◆ Task goal
From the first line of the listing below to the line with "import ezdxf", print each line exactly, and nothing more. Leave out the pictures.

*****

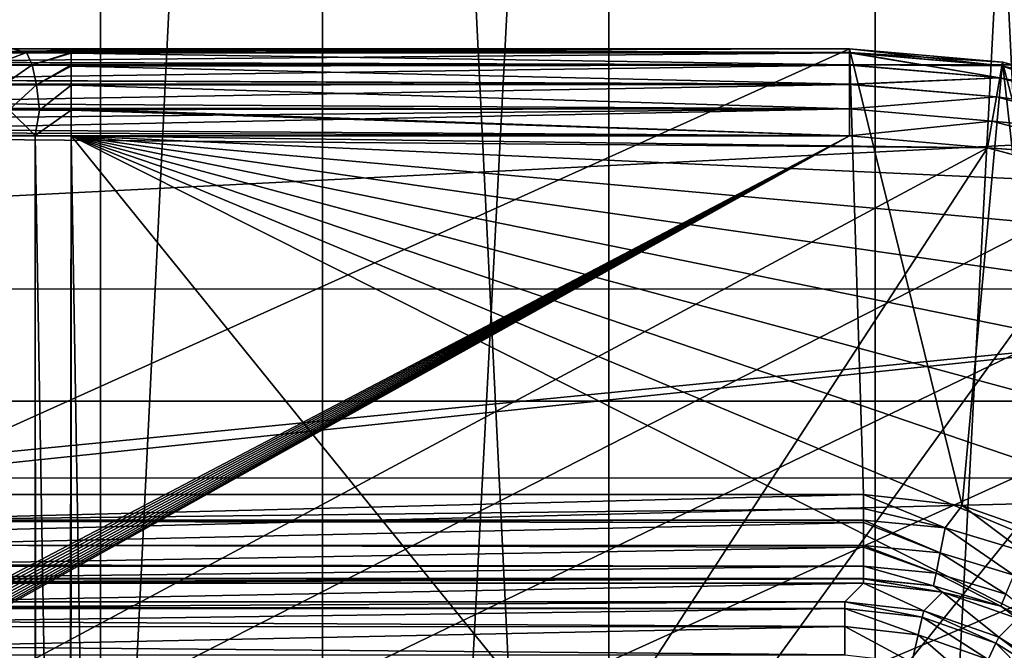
# Model space of a CAD drawing. Header units: millimetres. Extents: x -40 to 40, y -40 to 40.
# Tile 328 of 341: x 20.2 to 25.8, y 11.6 to 15.2. Entities that reach past the tile are written whole.
import ezdxf

# ---------------------------------------------------------------- set-up
doc = ezdxf.new("R2010")
doc.units = ezdxf.units.MM
doc.header["$LTSCALE"] = 26.699852
for name, color, linetype in [('1', 7, 'CONTINUOUS'), ('104', 7, 'CONTINUOUS'), ('109', 7, 'CONTINUOUS'), ('139', 7, 'CONTINUOUS'), ('16', 7, 'CONTINUOUS'), ('428', 7, 'CONTINUOUS'), ('429', 7, 'CONTINUOUS'), ('430', 7, 'CONTINUOUS'), ('432', 7, 'CONTINUOUS'), ('433', 7, 'CONTINUOUS'), ('434', 7, 'CONTINUOUS'), ('440', 7, 'CONTINUOUS'), ('441', 7, 'CONTINUOUS'), ('442', 7, 'CONTINUOUS'), ('443', 7, 'CONTINUOUS'), ('446', 7, 'CONTINUOUS'), ('447', 7, 'CONTINUOUS'), ('451', 7, 'CONTINUOUS'), ('452', 7, 'CONTINUOUS'), ('48', 7, 'CONTINUOUS'), ('60', 7, 'CONTINUOUS'), ('844', 7, 'CONTINUOUS'), ('852', 7, 'CONTINUOUS'), ('853', 7, 'CONTINUOUS'), ('854', 7, 'CONTINUOUS'), ('856', 7, 'CONTINUOUS'), ('857', 7, 'CONTINUOUS')]:
    doc.layers.add(name, color=color, linetype=linetype)

msp = doc.modelspace()

# ---------------------------------------------------------------- linework, layer by layer
at = {"layer": '1', "linetype": 'Continuous'}
for points in [[(21.9445, 32.8434), (18.6197, 34.8362), (18.6204, -34.8358), (21.9445, 32.8434)], [(21.9451, -32.843), (21.9445, 32.8434), (18.6204, -34.8358), (21.9451, -32.843)], [(25.0582, 30.5342), (21.9445, 32.8434), (25.0583, -30.5341), (25.0582, 30.5342)], [(25.0583, -30.5341), (21.9445, 32.8434), (21.9451, -32.843), (25.0583, -30.5341)], [(27.9309, 27.9306), (25.0582, 30.5342), (27.9306, -27.9309), (27.9309, 27.9306)], [(27.9306, -27.9309), (25.0582, 30.5342), (25.0583, -30.5341), (27.9306, -27.9309)]]:
    msp.add_3dface(points, dxfattribs=at)
at = {"layer": '104', "linetype": 'Continuous'}
for points in [[(27.713, 15.9997, -730), (-29.2335, 13.0155, -730), (29.2331, 13.0163, -730), (27.713, 15.9997, -730)], [(-27.713, 15.9996, -730), (-29.2335, 13.0155, -730), (27.713, 15.9997, -730), (-27.713, 15.9996, -730)], [(-29.2335, 13.0155, -730), (-30.4337, 9.8888, -730), (30.4335, 9.8895, -730), (-29.2335, 13.0155, -730)], [(29.2331, 13.0163, -730), (-29.2335, 13.0155, -730), (30.4335, 9.8895, -730), (29.2331, 13.0163, -730)]]:
    msp.add_3dface(points, dxfattribs=at)
at = {"layer": '109', "linetype": 'Continuous'}
for points in [[(-29.4957, 13.6475, -733), (-27.8471, 16.7568, -733), (27.8474, 16.7562, -733), (-29.4957, 13.6475, -733)], [(-29.4957, 13.6475, -733), (27.8474, 16.7562, -733), (29.4959, 13.647, -733), (-29.4957, 13.6475, -733)], [(-29.4957, 13.6475, -733), (29.4959, 13.647, -733), (-0.9862, 10.6545, -733), (-29.4957, 13.6475, -733)], [(-0.9862, 10.6545, -733), (29.4959, 13.647, -733), (0.9877, 10.6543, -733), (-0.9862, 10.6545, -733)], [(29.4959, 13.647, -733), (30.7984, 10.3781, -733), (0.9877, 10.6543, -733), (29.4959, 13.647, -733)]]:
    msp.add_3dface(points, dxfattribs=at)
at = {"layer": '139', "linetype": 'Continuous'}
for points in [[(24.9125, 15, -733), (-24.9125, 15, -733), (19.3426, 12.4913, -733), (24.9125, 15, -733)], [(24.9917, 12.4913, -733), (24.9125, 15, -733), (19.3426, 12.4913, -733), (24.9917, 12.4913, -733)], [(25.776, 14.9249, -733), (24.9125, 15, -733), (25.548, 12.4287, -733), (25.776, 14.9249, -733)], [(24.9125, 15, -733), (24.9917, 12.4913, -733), (25.548, 12.4287, -733), (24.9125, 15, -733)], [(26.0764, 12.2438, -733), (25.776, 14.9249, -733), (25.548, 12.4287, -733), (26.0764, 12.2438, -733)], [(26.6136, 14.7017, -733), (25.776, 14.9249, -733), (26.5498, 11.9464, -733), (26.6136, 14.7017, -733)], [(26.5498, 11.9464, -733), (25.776, 14.9249, -733), (26.0764, 12.2438, -733), (26.5498, 11.9464, -733)]]:
    msp.add_3dface(points, dxfattribs=at)
at = {"layer": '16', "linetype": 'Continuous'}
for points in [[(-31.5856, 12.5838, -3.5), (-30.0399, 15.925, -3.5), (30.0402, 15.9243, -3.5), (-31.5856, 12.5838, -3.5)], [(31.5859, 12.5831, -3.5), (-31.5856, 12.5838, -3.5), (30.0402, 15.9243, -3.5), (31.5859, 12.5831, -3.5)], [(-31.5856, 12.5838, -3.5), (31.5859, 12.5831, -3.5), (5, 11.9103, -3.5), (-31.5856, 12.5838, -3.5)], [(31.5859, 12.5831, -3.5), (32.7611, 9.0945, -3.5), (5, 11.9103, -3.5), (31.5859, 12.5831, -3.5)], [(5, 11.9103, -3.5), (32.7611, 9.0945, -3.5), (5.7778, 11.8158, -3.5), (5, 11.9103, -3.5)], [(5.7778, 11.8158, -3.5), (32.7611, 9.0945, -3.5), (6.5105, 11.5379, -3.5), (5.7778, 11.8158, -3.5)]]:
    msp.add_3dface(points, dxfattribs=at)
at = {"layer": '428', "linetype": 'Continuous'}
for points in [[(24.9125, 15, -823.2468), (1.7467, 15, -823.2468), (-24.9125, 15, -821.7532), (24.9125, 15, -823.2468)], [(-17.5509, 15, -821.7532), (24.9125, 15, -823.2468), (-24.9125, 15, -821.7532), (-17.5509, 15, -821.7532)], [(-24.9125, 15, -733), (24.9125, 15, -733), (24.9125, 15, -742.7468), (-24.9125, 15, -733)], [(16.7446, 15, -742.7468), (-24.9125, 15, -733), (20.5297, 15, -742.7468), (16.7446, 15, -742.7468)], [(20.5297, 15, -742.7468), (-24.9125, 15, -733), (24.9125, 15, -742.7468), (20.5297, 15, -742.7468)], [(-14.0554, 15, -821.7532), (24.9125, 15, -823.2468), (-17.5509, 15, -821.7532), (-14.0554, 15, -821.7532)], [(-14.0554, 15, -821.7532), (14.0554, 15, -821.7532), (24.9125, 15, -823.2468), (-14.0554, 15, -821.7532)], [(24.9125, 15, -823.2468), (14.0554, 15, -821.7532), (17.5509, 15, -821.7532), (24.9125, 15, -823.2468)], [(20.2006, 15, -742.7892), (16.7446, 15, -742.7468), (20.5297, 15, -742.7468), (20.2006, 15, -742.7892)], [(24.9125, 15, -821.7532), (24.9125, 15, -823.2468), (17.5509, 15, -821.7532), (24.9125, 15, -821.7532)]]:
    msp.add_3dface(points, dxfattribs=at)
at = {"layer": '429', "linetype": 'Continuous'}
for points in [[(1.7467, 15, -823.2468), (24.9125, 14.9783, -823.3926), (1.7467, 14.9937, -823.3259), (1.7467, 15, -823.2468)], [(1.7467, 15, -823.2468), (24.9125, 15, -823.2468), (24.9125, 14.9783, -823.3926), (1.7467, 15, -823.2468)], [(1.7467, 14.9937, -823.3259), (24.9125, 14.9761, -823.3997), (1.7467, 14.9743, -823.4051), (1.7467, 14.9937, -823.3259)], [(24.9125, 14.9783, -823.3926), (24.9125, 14.9761, -823.3997), (1.7467, 14.9937, -823.3259), (24.9125, 14.9783, -823.3926)], [(24.9125, 14.9761, -823.3997), (24.9125, 14.9098, -823.5334), (1.7467, 14.9743, -823.4051), (24.9125, 14.9761, -823.3997)], [(1.7467, 14.9743, -823.4051), (24.9125, 14.9066, -823.5379), (1.7467, 14.9021, -823.544), (1.7467, 14.9743, -823.4051)], [(24.9125, 14.9098, -823.5334), (24.9125, 14.9066, -823.5379), (1.7467, 14.9743, -823.4051), (24.9125, 14.9098, -823.5334)], [(24.9125, 14.9066, -823.5379), (24.9125, 14.801, -823.646), (1.7467, 14.9021, -823.544), (24.9125, 14.9066, -823.5379)], [(24.9125, 14.801, -823.646), (24.9125, 14.7981, -823.6482), (1.7467, 14.9021, -823.544), (24.9125, 14.801, -823.646)], [(1.7467, 14.9021, -823.544), (24.9125, 14.7981, -823.6482), (1.7467, 14.7932, -823.6518), (1.7467, 14.9021, -823.544)], [(24.9125, 14.7981, -823.6482), (24.9125, 14.6612, -823.7201), (1.7467, 14.7932, -823.6518), (24.9125, 14.7981, -823.6482)], [(1.7467, 14.7932, -823.6518), (24.9125, 14.6612, -823.7201), (1.7467, 14.6606, -823.7203), (1.7467, 14.7932, -823.6518)], [(24.9125, 14.6612, -823.7201), (24.9125, 14.5088, -823.7467), (1.7467, 14.6606, -823.7203), (24.9125, 14.6612, -823.7201)], [(1.7467, 14.6606, -823.7203), (24.9125, 14.5088, -823.7467), (1.7467, 14.5854, -823.7395), (1.7467, 14.6606, -823.7203)], [(1.7467, 14.5854, -823.7395), (24.9125, 14.5088, -823.7467), (1.7467, 14.5087, -823.7467), (1.7467, 14.5854, -823.7395)]]:
    msp.add_3dface(points, dxfattribs=at)
at = {"layer": '430', "linetype": 'Continuous'}
for points in [[(1.7467, 14.5087, -823.7467), (24.9125, 14.5088, -823.7467), (1.9566, 2.4826, -823.9567), (1.7467, 14.5087, -823.7467)], [(1.9566, 2.4826, -823.9567), (24.9125, 14.5088, -823.7467), (1.964, 2.4052, -823.958), (1.9566, 2.4826, -823.9567)], [(1.964, 2.4052, -823.958), (24.9125, 14.5088, -823.7467), (1.9832, 2.3301, -823.9593), (1.964, 2.4052, -823.958)], [(1.9832, 2.3301, -823.9593), (24.9125, 14.5088, -823.7467), (2.0138, 2.2588, -823.9606), (1.9832, 2.3301, -823.9593)], [(2.0138, 2.2588, -823.9606), (24.9125, 14.5088, -823.7467), (2.0551, 2.1931, -823.9617), (2.0138, 2.2588, -823.9606)], [(2.0551, 2.1931, -823.9617), (24.9125, 14.5088, -823.7467), (2.106, 2.1347, -823.9627), (2.0551, 2.1931, -823.9617)], [(2.106, 2.1347, -823.9627), (24.9125, 14.5088, -823.7467), (2.1654, 2.0848, -823.9636), (2.106, 2.1347, -823.9627)], [(2.1654, 2.0848, -823.9636), (24.9125, 14.5088, -823.7467), (2.2318, 2.0446, -823.9643), (2.1654, 2.0848, -823.9636)], [(2.2318, 2.0446, -823.9643), (24.9125, 14.5088, -823.7467), (2.3036, 2.0152, -823.9648), (2.2318, 2.0446, -823.9643)], [(2.3036, 2.0152, -823.9648), (24.9125, 14.5088, -823.7467), (2.3791, 1.9973, -823.9651), (2.3036, 2.0152, -823.9648)], [(24.9125, 14.5088, -823.7467), (2.4565, 1.9913, -823.9652), (2.3791, 1.9973, -823.9651), (24.9125, 14.5088, -823.7467)], [(2.4565, 1.9913, -823.9652), (24.9125, 14.5088, -823.7467), (25.6898, 14.4411, -823.7479), (2.4565, 1.9913, -823.9652)], [(26.4426, 14.2406, -823.7514), (2.4565, 1.9913, -823.9652), (25.6898, 14.4411, -823.7479), (26.4426, 14.2406, -823.7514)], [(27.1505, 13.9127, -823.7572), (2.4565, 1.9913, -823.9652), (26.4426, 14.2406, -823.7514), (27.1505, 13.9127, -823.7572)], [(27.7908, 13.4678, -823.7649), (2.4565, 1.9913, -823.9652), (27.1505, 13.9127, -823.7572), (27.7908, 13.4678, -823.7649)], [(28.3448, 12.919, -823.7745), (2.4565, 1.9913, -823.9652), (27.7908, 13.4678, -823.7649), (28.3448, 12.919, -823.7745)], [(28.796, 12.2822, -823.7856), (2.4565, 1.9913, -823.9652), (28.3448, 12.919, -823.7745), (28.796, 12.2822, -823.7856)], [(29.1307, 11.5765, -823.7979), (2.4565, 1.9913, -823.9652), (28.796, 12.2822, -823.7856), (29.1307, 11.5765, -823.7979)]]:
    msp.add_3dface(points, dxfattribs=at)
at = {"layer": '432', "linetype": 'Continuous'}
for points in [[(24.9125, 14.9783, -823.3926), (24.9125, 15, -823.2468), (25.7758, 14.9249, -823.248), (24.9125, 14.9783, -823.3926)], [(24.9125, 14.9761, -823.3997), (24.9125, 14.9783, -823.3926), (25.7719, 14.9035, -823.3939), (24.9125, 14.9761, -823.3997)], [(25.7719, 14.9035, -823.3939), (24.9125, 14.9783, -823.3926), (25.7758, 14.9249, -823.248), (25.7719, 14.9035, -823.3939)], [(24.9125, 14.9098, -823.5334), (24.9125, 14.9761, -823.3997), (25.7719, 14.9035, -823.3939), (24.9125, 14.9098, -823.5334)], [(26.6135, 14.7018, -823.2515), (25.7719, 14.9035, -823.3939), (25.7758, 14.9249, -823.248), (26.6135, 14.7018, -823.2515)], [(24.9125, 14.9066, -823.5379), (24.9125, 14.9098, -823.5334), (25.7596, 14.836, -823.5347), (24.9125, 14.9066, -823.5379)], [(25.7596, 14.836, -823.5347), (24.9125, 14.9098, -823.5334), (25.7719, 14.9035, -823.3939), (25.7596, 14.836, -823.5347)], [(24.9125, 14.801, -823.646), (24.9125, 14.9066, -823.5379), (25.7596, 14.836, -823.5347), (24.9125, 14.801, -823.646)], [(26.6053, 14.6814, -823.3978), (25.7596, 14.836, -823.5347), (25.7719, 14.9035, -823.3939), (26.6053, 14.6814, -823.3978)], [(26.6053, 14.6814, -823.3978), (25.7719, 14.9035, -823.3939), (26.6135, 14.7018, -823.2515), (26.6053, 14.6814, -823.3978)], [(25.7405, 14.729, -823.6473), (24.9125, 14.801, -823.646), (25.7596, 14.836, -823.5347), (25.7405, 14.729, -823.6473)], [(26.5812, 14.6171, -823.5385), (25.7405, 14.729, -823.6473), (25.7596, 14.836, -823.5347), (26.5812, 14.6171, -823.5385)], [(26.5812, 14.6171, -823.5385), (25.7596, 14.836, -823.5347), (26.6053, 14.6814, -823.3978), (26.5812, 14.6171, -823.5385)], [(24.9125, 14.7981, -823.6482), (24.9125, 14.801, -823.646), (25.7405, 14.729, -823.6473), (24.9125, 14.7981, -823.6482)], [(24.9125, 14.6612, -823.7201), (24.9125, 14.7981, -823.6482), (25.7405, 14.729, -823.6473), (24.9125, 14.6612, -823.7201)], [(25.7164, 14.5928, -823.7208), (24.9125, 14.6612, -823.7201), (25.7405, 14.729, -823.6473), (25.7164, 14.5928, -823.7208)], [(26.5435, 14.515, -823.6511), (25.7164, 14.5928, -823.7208), (25.7405, 14.729, -823.6473), (26.5435, 14.515, -823.6511)], [(26.5435, 14.515, -823.6511), (25.7405, 14.729, -823.6473), (26.5812, 14.6171, -823.5385), (26.5435, 14.515, -823.6511)], [(24.9125, 14.5088, -823.7467), (24.9125, 14.6612, -823.7201), (25.7164, 14.5928, -823.7208), (24.9125, 14.5088, -823.7467)], [(25.6898, 14.4411, -823.7479), (24.9125, 14.5088, -823.7467), (25.7164, 14.5928, -823.7208), (25.6898, 14.4411, -823.7479)], [(26.4961, 14.3851, -823.7244), (25.6898, 14.4411, -823.7479), (25.7164, 14.5928, -823.7208), (26.4961, 14.3851, -823.7244)], [(26.4961, 14.3851, -823.7244), (25.7164, 14.5928, -823.7208), (26.5435, 14.515, -823.6511), (26.4961, 14.3851, -823.7244)], [(26.4426, 14.2406, -823.7514), (25.6898, 14.4411, -823.7479), (26.4961, 14.3851, -823.7244), (26.4426, 14.2406, -823.7514)]]:
    msp.add_3dface(points, dxfattribs=at)
at = {"layer": '433', "linetype": 'Continuous'}
for points in [[(24.9125, 15, -823.2468), (24.9125, 15, -821.7532), (25.7762, 14.9248, -821.752), (24.9125, 15, -823.2468)], [(25.7758, 14.9249, -823.248), (24.9125, 15, -823.2468), (25.7762, 14.9248, -821.752), (25.7758, 14.9249, -823.248)], [(26.6135, 14.7018, -823.2515), (25.7758, 14.9249, -823.248), (25.7762, 14.9248, -821.752), (26.6135, 14.7018, -823.2515)], [(26.6139, 14.7016, -821.7485), (26.6135, 14.7018, -823.2515), (25.7762, 14.9248, -821.752), (26.6139, 14.7016, -821.7485)]]:
    msp.add_3dface(points, dxfattribs=at)
at = {"layer": '434', "linetype": 'Continuous'}
for points in [[(25.7718, 14.9034, -821.6056), (24.9125, 15, -821.7532), (24.9125, 14.9781, -821.6069), (25.7718, 14.9034, -821.6056)], [(25.7762, 14.9248, -821.752), (24.9125, 15, -821.7532), (25.7718, 14.9034, -821.6056), (25.7762, 14.9248, -821.752)], [(25.7718, 14.9034, -821.6056), (24.9125, 14.9781, -821.6069), (25.7595, 14.8358, -821.4649), (25.7718, 14.9034, -821.6056)], [(25.7595, 14.8358, -821.4649), (24.9125, 14.9781, -821.6069), (24.9125, 14.9761, -821.6003), (25.7595, 14.8358, -821.4649)], [(24.9125, 14.9095, -821.4662), (25.7595, 14.8358, -821.4649), (24.9125, 14.9761, -821.6003), (24.9125, 14.9095, -821.4662)], [(26.6053, 14.6813, -821.6017), (25.7762, 14.9248, -821.752), (25.7718, 14.9034, -821.6056), (26.6053, 14.6813, -821.6017)], [(26.6139, 14.7016, -821.7485), (25.7762, 14.9248, -821.752), (26.6053, 14.6813, -821.6017), (26.6139, 14.7016, -821.7485)], [(25.7595, 14.8358, -821.4649), (24.9125, 14.9095, -821.4662), (24.9125, 14.7981, -821.3518), (25.7595, 14.8358, -821.4649)], [(24.9125, 14.7981, -821.3518), (24.9125, 14.9095, -821.4662), (24.9125, 14.9066, -821.4621), (24.9125, 14.7981, -821.3518)], [(26.5811, 14.6169, -821.4611), (25.7718, 14.9034, -821.6056), (25.7595, 14.8358, -821.4649), (26.5811, 14.6169, -821.4611)], [(26.6053, 14.6813, -821.6017), (25.7718, 14.9034, -821.6056), (26.5811, 14.6169, -821.4611), (26.6053, 14.6813, -821.6017)], [(25.7404, 14.7286, -821.3524), (25.7595, 14.8358, -821.4649), (24.9125, 14.7981, -821.3518), (25.7404, 14.7286, -821.3524)], [(26.5811, 14.6169, -821.4611), (25.7595, 14.8358, -821.4649), (25.7404, 14.7286, -821.3524), (26.5811, 14.6169, -821.4611)], [(25.7404, 14.7286, -821.3524), (24.9125, 14.7981, -821.3518), (24.9125, 14.6611, -821.2799), (25.7404, 14.7286, -821.3524)], [(25.7163, 14.5924, -821.279), (25.7404, 14.7286, -821.3524), (24.9125, 14.6611, -821.2799), (25.7163, 14.5924, -821.279)], [(26.5434, 14.5146, -821.3487), (25.7404, 14.7286, -821.3524), (25.7163, 14.5924, -821.279), (26.5434, 14.5146, -821.3487)], [(26.5434, 14.5146, -821.3487), (26.5811, 14.6169, -821.4611), (25.7404, 14.7286, -821.3524), (26.5434, 14.5146, -821.3487)], [(25.7163, 14.5924, -821.279), (24.9125, 14.6611, -821.2799), (24.9125, 14.5088, -821.2533), (25.7163, 14.5924, -821.279)], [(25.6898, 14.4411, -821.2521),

*****

◆ Response to the task
# Model space of a CAD drawing. Header units: millimetres. Extents: x -40 to 40, y -40 to 40.
# Tile 328 of 341: x 20.2 to 25.8, y 11.6 to 15.2. Entities that reach past the tile are written whole.
import ezdxf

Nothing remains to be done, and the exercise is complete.